**TASK GOAL:** Apart from the pictures, every record here must be copied word for word.
PROVIDED DATA Block Start
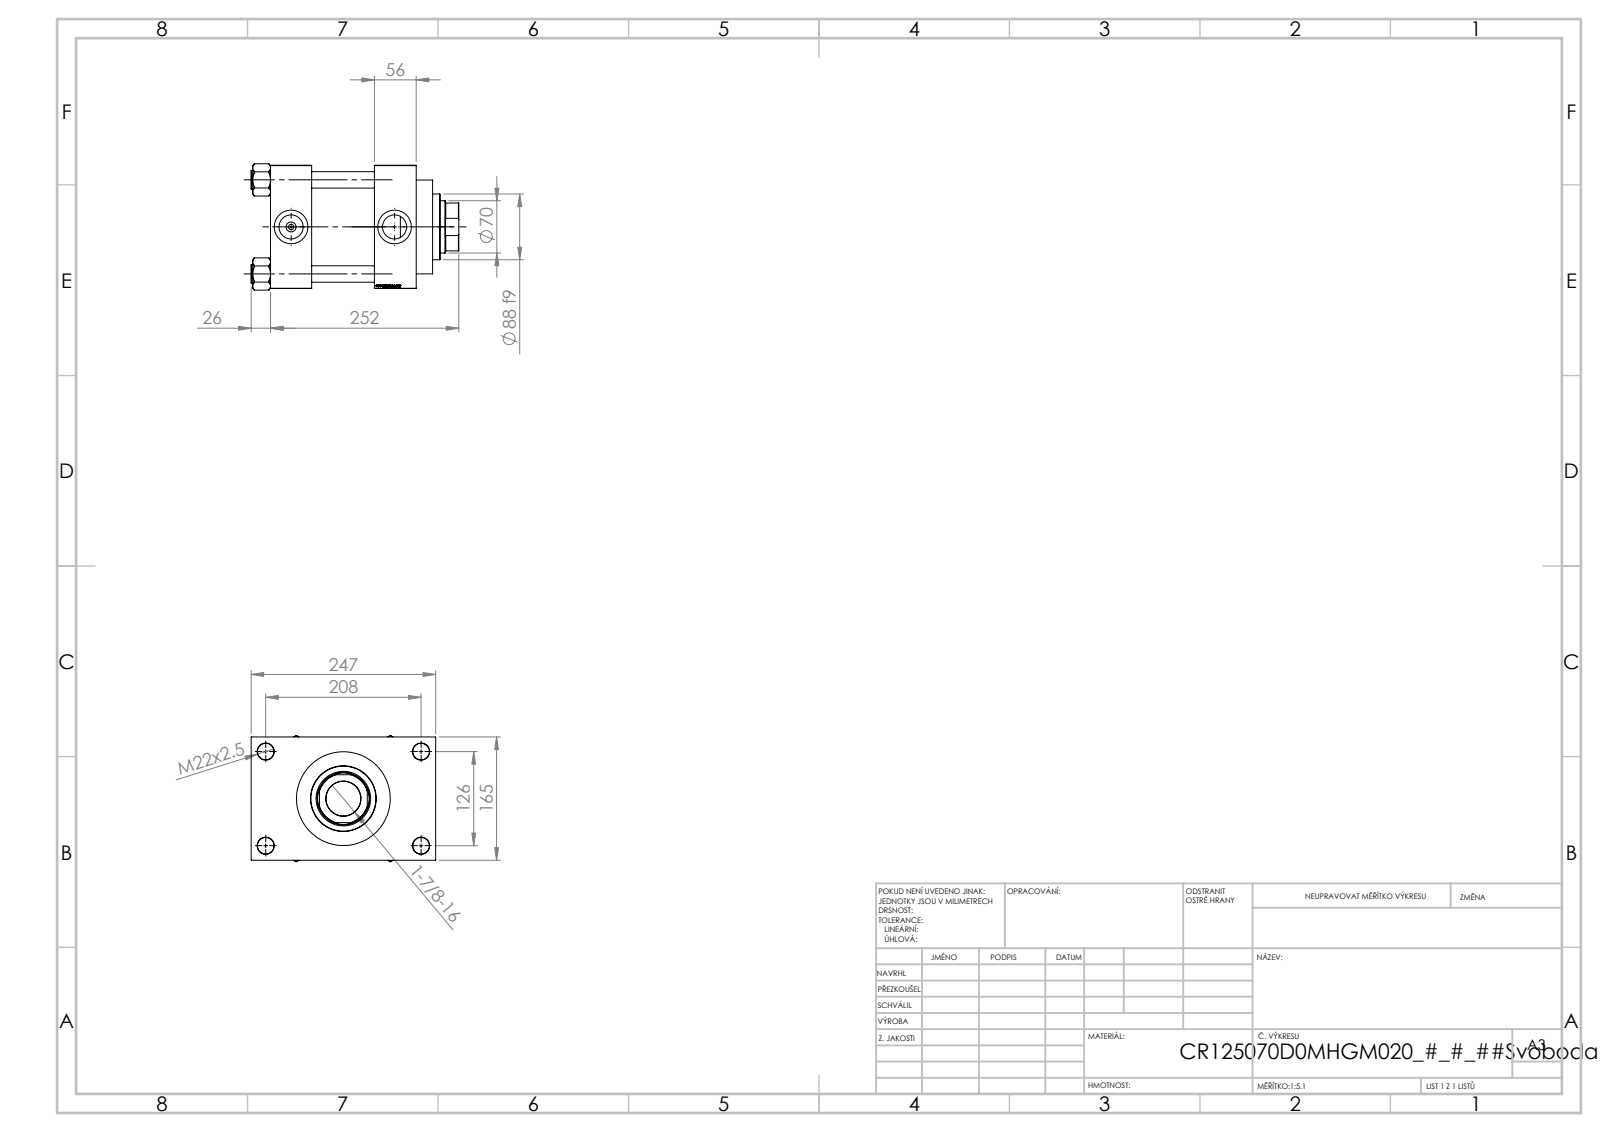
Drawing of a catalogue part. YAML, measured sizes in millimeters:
part_name: "V215_VC_A; V215CR_D_Body; NUT_M5_D; V215CR_VCP_D (+1 more)"
step_written_by: "SolidWorks 2019 (CONFIG_CONTROL_DESIGN)"
units: millimeters
bodies: {solids: 11, faces: 1148, planar: 544, cylindrical: 86, other: 518}
overall_size: [278, 247, 169.14]
volume: 5013000
surface_area: 542141
round_holes:
  - {diameter: 22, count: 8}
  - {diameter: 7, count: 2}
  - {diameter: 32.24, count: 2}
  - {diameter: 45, count: 2}
  - {diameter: 46.5, count: 1}
  - {diameter: 70, count: 1}
  - {diameter: 73, count: 1}
  - {diameter: 96, count: 1}
  - {diameter: 125, count: 1}
  - {diameter: 125.5, count: 1}
round_bosses_or_shafts:
  - {diameter: 25, count: 4}
  - {diameter: 131, count: 1}
  - {diameter: 88, count: 1}
partial_cylinders:
  - {radius: 34, count: 1}
face_to_face_distances: [165, 84, 55, 139, 195, 140, 56, 41, 206, 173.74]
hole_center_spacings: [41.05, 89.02, 121.59, 125.9, 132.47, 166.95, 209.13, 126]
PROVIDED DATA Block End
**TASK SOLUTION:**
Drawing of a catalogue part. YAML, measured sizes in millimeters:
part_name: "V215_VC_A; V215CR_D_Body; NUT_M5_D; V215CR_VCP_D (+1 more)"
step_written_by: "SolidWorks 2019 (CONFIG_CONTROL_DESIGN)"
units: millimeters
bodies: {solids: 11, faces: 1148, planar: 544, cylindrical: 86, other: 518}
overall_size: [278, 247, 169.14]
volume: 5013000
surface_area: 542141
round_holes:
  - {diameter: 22, count: 8}
  - {diameter: 7, count: 2}
  - {diameter: 32.24, count: 2}
  - {diameter: 45, count: 2}
  - {diameter: 46.5, count: 1}
  - {diameter: 70, count: 1}
  - {diameter: 73, count: 1}
  - {diameter: 96, count: 1}
  - {diameter: 125, count: 1}
  - {diameter: 125.5, count: 1}
round_bosses_or_shafts:
  - {diameter: 25, count: 4}
  - {diameter: 131, count: 1}
  - {diameter: 88, count: 1}
partial_cylinders:
  - {radius: 34, count: 1}
face_to_face_distances: [165, 84, 55, 139, 195, 140, 56, 41, 206, 173.74]
hole_center_spacings: [41.05, 89.02, 121.59, 125.9, 132.47, 166.95, 209.13, 126]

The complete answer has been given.